結論: 主な理由として、スプレッドの二重負担・スワップポイントの逆ざや・システム負荷の3点が一般に挙げられています。いずれも手法の優劣ではなく、業者側の規約・システム上の理由によるものです。

両建てが禁止・非推奨とされる主な理由(一般的な傾向・業者により異なる・2026年9月時点)
理由内容
スプレッドの二重負担買い・売りそれぞれの注文でスプレッド分のコストがかかるため、片方だけを持つ場合より実質コストが増えるとされる
スワップの逆ざや買いと売りで受け取り・支払いのスワップポイントが業者間・時期によって一致せず、差し引きでマイナスになり得るとされる
システム・約定処理両建てポジションの証拠金計算や約定処理が複雑になることを理由に、規約で制限する業者があるとされる

これらはいずれも「両建てという手法が優れている・劣っている」という話ではなく、コスト構造と業者側のシステム都合に由来する一般的な説明です。スワップポイントの業者間比較で触れているとおり、スワップの水準や受け払いの扱いは業者ごとに差があります。

業者によって対応が分かれる理由

結論: 両建てを明確に禁止する業者、条件付きで認める業者、特に制限しない業者まで対応は分かれており、一律のルールはありません。口座を選ぶ前に規約を確認することが唯一の確実な方法です。

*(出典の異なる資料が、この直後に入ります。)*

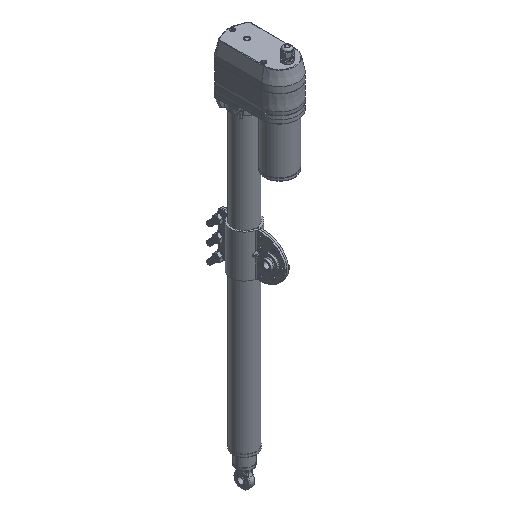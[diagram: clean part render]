
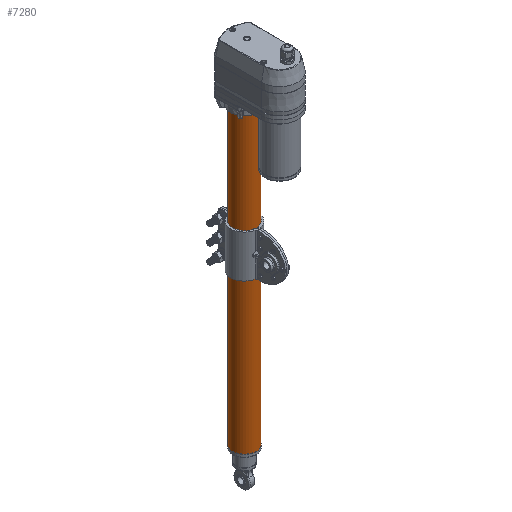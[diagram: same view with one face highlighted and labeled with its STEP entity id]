
A CAD part, isometric view. The second image highlights one B-rep face of the part: STEP entity #7280.
In plain terms, the highlighted cylindrical face has radius 25.4 mm (diameter 50.8 mm), a full revolution.
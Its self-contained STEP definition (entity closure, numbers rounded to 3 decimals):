
#1678 = CARTESIAN_POINT ( 'NONE',  ( 25.4, 0., -83.664 ) ) ;
#2067 = CYLINDRICAL_SURFACE ( 'NONE', #20643, 25.4 ) ;
#4215 = FACE_OUTER_BOUND ( 'NONE', #13441, .T. ) ;
#4919 = DIRECTION ( 'NONE',  ( 1., 0., 0. ) ) ;
#5777 = EDGE_CURVE ( 'NONE', #19962, #19962, #43079, .T. ) ;
#7183 = CARTESIAN_POINT ( 'NONE',  ( 0., 0., -707.75 ) ) ;
#7280 = ADVANCED_FACE ( 'NONE', ( #4215, #20356 ), #2067, .T. ) ;
#10645 = DIRECTION ( 'NONE',  ( 1., 0., 0. ) ) ;
#12641 = DIRECTION ( 'NONE',  ( 0., 0., 1. ) ) ;
#13441 = EDGE_LOOP ( 'NONE', ( #37871 ) ) ;
#14327 = EDGE_LOOP ( 'NONE', ( #29671 ) ) ;
#19962 = VERTEX_POINT ( 'NONE', #38529 ) ;
#20356 = FACE_OUTER_BOUND ( 'NONE', #14327, .T. ) ;
#20643 = AXIS2_PLACEMENT_3D ( 'NONE', #28997, #39371, #4919 ) ;
#24954 = CIRCLE ( 'NONE', #25732, 25.4 ) ;
#25732 = AXIS2_PLACEMENT_3D ( 'NONE', #33266, #12641, #36727 ) ;
#28997 = CARTESIAN_POINT ( 'NONE',  ( 0., 0., 0. ) ) ;
#29089 = VERTEX_POINT ( 'NONE', #1678 ) ;
#29671 = ORIENTED_EDGE ( 'NONE', *, *, #5777, .T. ) ;
#29896 = EDGE_CURVE ( 'NONE', #29089, #29089, #24954, .T. ) ;
#31266 = DIRECTION ( 'NONE',  ( 0., 0., 1. ) ) ;
#33266 = CARTESIAN_POINT ( 'NONE',  ( 0., 0., -83.664 ) ) ;
#36727 = DIRECTION ( 'NONE',  ( 1., 0., 0. ) ) ;
#37871 = ORIENTED_EDGE ( 'NONE', *, *, #29896, .F. ) ;
#38529 = CARTESIAN_POINT ( 'NONE',  ( 25.4, 0., -707.75 ) ) ;
#38550 = AXIS2_PLACEMENT_3D ( 'NONE', #7183, #31266, #10645 ) ;
#39371 = DIRECTION ( 'NONE',  ( 0., 0., 1. ) ) ;
#43079 = CIRCLE ( 'NONE', #38550, 25.4 ) ;

禁止・非推奨とする業者は、上記のスプレッド二重負担やシステム負荷を理由として挙げていることが一般的です。一方で両建てを制限しない業者もあり、規約上の位置づけは業者ごとの経営判断によります。ナンピンの仕組みとリスクと同様、特定の手法をこの記事で推奨・否定するものではなく、あくまで規約への該当有無が問題になる点を押さえておく必要があります。

両建てを行った場合に起こり得るリスク

結論: 規約で禁止・制限されている業者で両建てを行うと、規約違反の疑いとして口座凍結や取引制限の対象になり得るとされています。証拠金維持率の管理が複雑になる点も見落としやすいリスクです。

  • 口座凍結・取引制限: 規約違反の疑いに該当した場合、調査や制限の対象になり得るとされています。凍結の理由と解除までの一般的な流れはFX口座凍結の理由と解除まで何日かの解説で整理しています
  • 証拠金維持率の把握が複雑になる: 買いと売り両方のポジションを抱えるため、必要証拠金の計算やロスカットまでの余裕が見えにくくなることがあります
  • コストの積み上がり: スプレッドの二重負担やスワップの逆ざやが続くと、ポジションを閉じずに保有し続けるほどコストが積み上がる構造があります
FXは元本が保証された取引ではなく、レバレッジをかけると利益だけでなく損失も拡大します。両建ての可否・凍結の基準はいずれも業者ごとの規約によるため、この記事の内容は一般的な傾向の整理であり、個別のケースを保証するものではありません。

両建てを検討する前に確認したいチェックリスト

結論: 両建てを行うかどうかより先に、口座の規約でその取引方法が明示的に許可されているかを確認することが、規約違反による凍結リスクを避ける最も直接的な方法です。

  • □ 利用している(または検討している)口座の規約で、両建てが明示的に許可・禁止・非推奨のいずれになっているか確認したか
  • □ 両建てを行う場合、買い・売り双方のスプレッドとスワップポイントの受け払いを事前に試算したか
  • □ 証拠金維持率がロスカット水準にどれだけ余裕があるか、両建て後の状態で確認したか
  • □ 複数業者を併用する場合、それぞれの規約が自社口座内の取引のみを対象としているか確認したか

これから口座を選ぶ段階であれば、規約が明確で少額から始められる口座を選んでおくと、規約への理解が浅いまま両建てのような取引方法を試して規約違反に該当するリスクそのものを抑えやすくなります。松井証券MATSUI FXの解説では1通貨単位・約100円からの取引について整理しています。

両建てを試す前に、まずは規約と証拠金の動きを少額で確認するのも一つの方法です(手法を推奨するものではありません)。

松井証券 MATSUI FX 公式サイトで規約を見る

よくある質問

FXの両建てとは何ですか?
同一口座内で、同じ通貨ペアの買いポジションと売りポジションを同時に保有する手法です。値動きに対して損益がほぼ相殺されるため、含み損を確定させずに様子を見る目的などで使われることがあるとされています。
両建てはなぜ禁止・非推奨とされるのですか?
買い・売り双方でスプレッドを負担する、スワップポイントの受け払いが逆ざやになり得る、システム負荷を理由に規約で制限する業者があるなどが一般的な理由として挙げられます。手法自体の優劣を判断するものではありません。
両建てをすると口座凍結になりますか?
業者の規約で禁止・制限されている取引方法に該当した場合、規約違反の疑いとして口座凍結や取引制限の対象になり得るとされています。一方で両建てを認めている業者もあり、可否は口座ごとの規約によります。
違う業者の口座を2つ使えば両建ての制限は関係ありませんか?
業者Aの規約は業者Aの口座内での取引を対象とするのが一般的ですが、複数口座の利用状況を確認する業者もあるとされています。制限の範囲は各社ごとに異なるため、規約や公式サポートで確認してください。